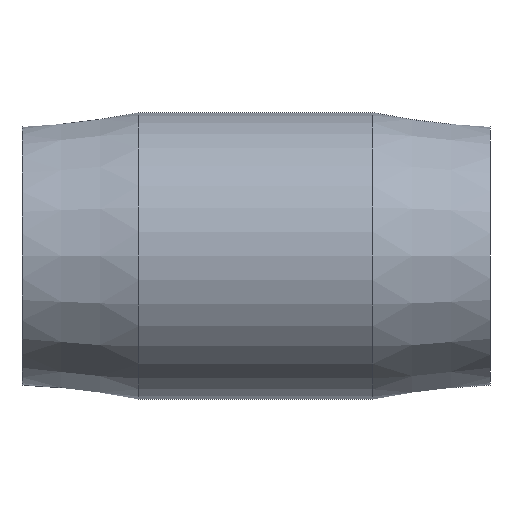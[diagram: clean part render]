
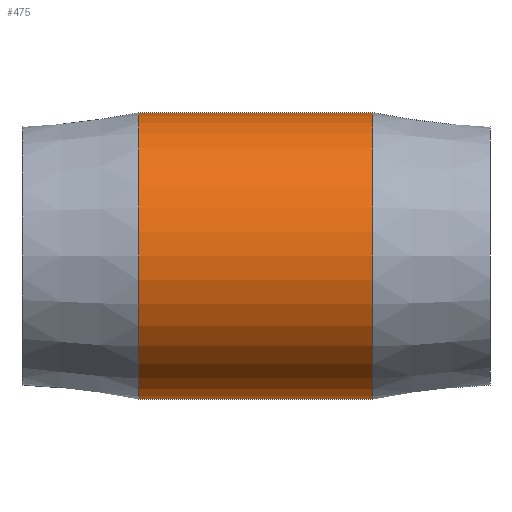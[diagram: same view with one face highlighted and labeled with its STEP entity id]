
A CAD part, front view. The second image highlights one B-rep face of the part: STEP entity #475.
In plain terms, the highlighted cylindrical face has radius 27.559 mm (diameter 55.118 mm), a full revolution.
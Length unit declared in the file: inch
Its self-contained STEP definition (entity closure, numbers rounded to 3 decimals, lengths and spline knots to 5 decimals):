
#47=LINE('',#894,#63);
#63=VECTOR('',#649,1.085);
#77=CYLINDRICAL_SURFACE('',#537,1.085);
#97=FACE_OUTER_BOUND('',#131,.T.);
#131=EDGE_LOOP('',(#357,#358,#359,#360,#361,#362,#363,#364));
#163=CIRCLE('',#533,1.085);
#164=CIRCLE('',#536,1.085);
#165=CIRCLE('',#538,1.085);
#166=CIRCLE('',#539,1.085);
#167=CIRCLE('',#540,1.085);
#168=CIRCLE('',#541,1.085);
#207=VERTEX_POINT('',#785);
#210=VERTEX_POINT('',#810);
#211=VERTEX_POINT('',#839);
#213=VERTEX_POINT('',#851);
#215=VERTEX_POINT('',#891);
#216=VERTEX_POINT('',#893);
#264=EDGE_CURVE('',#210,#207,#163,.T.);
#270=EDGE_CURVE('',#213,#211,#164,.T.);
#271=EDGE_CURVE('',#215,#210,#165,.T.);
#272=EDGE_CURVE('',#215,#216,#47,.T.);
#273=EDGE_CURVE('',#216,#213,#166,.T.);
#274=EDGE_CURVE('',#211,#216,#167,.T.);
#275=EDGE_CURVE('',#207,#215,#168,.T.);
#357=ORIENTED_EDGE('',*,*,#264,.F.);
#358=ORIENTED_EDGE('',*,*,#271,.F.);
#359=ORIENTED_EDGE('',*,*,#272,.T.);
#360=ORIENTED_EDGE('',*,*,#273,.T.);
#361=ORIENTED_EDGE('',*,*,#270,.T.);
#362=ORIENTED_EDGE('',*,*,#274,.T.);
#363=ORIENTED_EDGE('',*,*,#272,.F.);
#364=ORIENTED_EDGE('',*,*,#275,.F.);
#475=ADVANCED_FACE('',(#97),#77,.T.);
#533=AXIS2_PLACEMENT_3D('',#837,#636,#637);
#536=AXIS2_PLACEMENT_3D('',#889,#643,#644);
#537=AXIS2_PLACEMENT_3D('',#890,#645,#646);
#538=AXIS2_PLACEMENT_3D('',#892,#647,#648);
#539=AXIS2_PLACEMENT_3D('',#895,#650,#651);
#540=AXIS2_PLACEMENT_3D('',#896,#652,#653);
#541=AXIS2_PLACEMENT_3D('',#897,#654,#655);
#636=DIRECTION('center_axis',(1.,0.,0.));
#637=DIRECTION('ref_axis',(0.,0.,-1.));
#643=DIRECTION('center_axis',(1.,0.,0.));
#644=DIRECTION('ref_axis',(0.,0.,-1.));
#645=DIRECTION('center_axis',(1.,0.,0.));
#646=DIRECTION('ref_axis',(0.,1.,0.));
#647=DIRECTION('center_axis',(1.,0.,0.));
#648=DIRECTION('ref_axis',(0.,0.,-1.));
#649=DIRECTION('',(-1.,0.,0.));
#650=DIRECTION('center_axis',(1.,0.,0.));
#651=DIRECTION('ref_axis',(0.,0.,-1.));
#652=DIRECTION('center_axis',(1.,0.,0.));
#653=DIRECTION('ref_axis',(0.,0.,-1.));
#654=DIRECTION('center_axis',(1.,0.,0.));
#655=DIRECTION('ref_axis',(0.,0.,-1.));
#785=CARTESIAN_POINT('',(0.885,1.08221,0.0778));
#810=CARTESIAN_POINT('',(0.885,1.08221,-0.0778));
#837=CARTESIAN_POINT('Origin',(0.885,0.,0.));
#839=CARTESIAN_POINT('',(-0.885,1.08221,0.0778));
#851=CARTESIAN_POINT('',(-0.885,1.08221,-0.0778));
#889=CARTESIAN_POINT('Origin',(-0.885,0.,0.));
#890=CARTESIAN_POINT('Origin',(0.,0.,0.));
#891=CARTESIAN_POINT('',(0.885,-1.085,0.));
#892=CARTESIAN_POINT('Origin',(0.885,0.,0.));
#893=CARTESIAN_POINT('',(-0.885,-1.085,0.));
#894=CARTESIAN_POINT('',(0.,-1.085,0.));
#895=CARTESIAN_POINT('Origin',(-0.885,0.,0.));
#896=CARTESIAN_POINT('Origin',(-0.885,0.,0.));
#897=CARTESIAN_POINT('Origin',(0.885,0.,0.));

◇ ◇ ◇

EXERCISE OBJECTIVE: Looking at the records above, return exactly the lines from the line with "#636=DIRECTION('center_axis',(1.,0.,0.));" to the line with "#892=CARTESIAN_POINT('Origin',(0.885,0.,0.));", both ends included.

EXERCISE SOLUTION:
#636=DIRECTION('center_axis',(1.,0.,0.));
#637=DIRECTION('ref_axis',(0.,0.,-1.));
#643=DIRECTION('center_axis',(1.,0.,0.));
#644=DIRECTION('ref_axis',(0.,0.,-1.));
#645=DIRECTION('center_axis',(1.,0.,0.));
#646=DIRECTION('ref_axis',(0.,1.,0.));
#647=DIRECTION('center_axis',(1.,0.,0.));
#648=DIRECTION('ref_axis',(0.,0.,-1.));
#649=DIRECTION('',(-1.,0.,0.));
#650=DIRECTION('center_axis',(1.,0.,0.));
#651=DIRECTION('ref_axis',(0.,0.,-1.));
#652=DIRECTION('center_axis',(1.,0.,0.));
#653=DIRECTION('ref_axis',(0.,0.,-1.));
#654=DIRECTION('center_axis',(1.,0.,0.));
#655=DIRECTION('ref_axis',(0.,0.,-1.));
#785=CARTESIAN_POINT('',(0.885,1.08221,0.0778));
#810=CARTESIAN_POINT('',(0.885,1.08221,-0.0778));
#837=CARTESIAN_POINT('Origin',(0.885,0.,0.));
#839=CARTESIAN_POINT('',(-0.885,1.08221,0.0778));
#851=CARTESIAN_POINT('',(-0.885,1.08221,-0.0778));
#889=CARTESIAN_POINT('Origin',(-0.885,0.,0.));
#890=CARTESIAN_POINT('Origin',(0.,0.,0.));
#891=CARTESIAN_POINT('',(0.885,-1.085,0.));
#892=CARTESIAN_POINT('Origin',(0.885,0.,0.));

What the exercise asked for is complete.